TASK DESCRIPTION:
Check each line of the material. Copy those containing "BRACKET".

RECORDS FOR THE EXERCISE:

-----

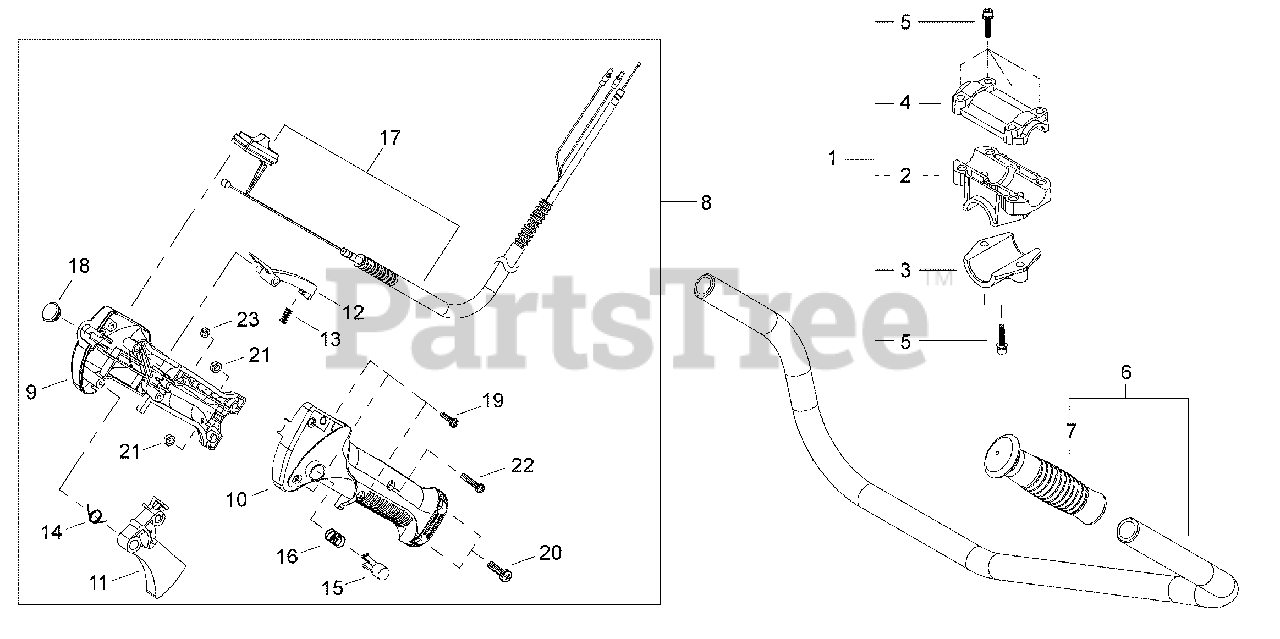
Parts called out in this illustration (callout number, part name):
1	BRACKET KIT, HANDLEBAR
2	BRACKET, LOWER HANDLEBAR
3	BRACKET, MOUNTING
4	BRACKET, UPPER HANDLEBAR
5	BOLT M5×25
6	HANDLEBAR ASSY
7	GRIP
8	GRIP ASSY, THROTTLE
9	CONTROL HANDLE - RIGHT
10	CONTROL HANDLE - LEFT
11	TRIGGER, THROTTLE
12	LOCKOUT, THROTTLE
13	SPRING, COMPRESSION
14	SPRING, TORSION
15	BUTTON, THROTTLE LOCK
16	SPRING, COMPRESSION
17	CABLE ASSY, CONTROL
18	PLUG, RUBBER
19	SCREW, TAPPING 4×16
20	SCREW M5×20
21	NUT M5
22	SCREW M4×23
23	NUT M4

-----

EXERCISE SOLUTION:
1	BRACKET KIT, HANDLEBAR
2	BRACKET, LOWER HANDLEBAR
3	BRACKET, MOUNTING
4	BRACKET, UPPER HANDLEBAR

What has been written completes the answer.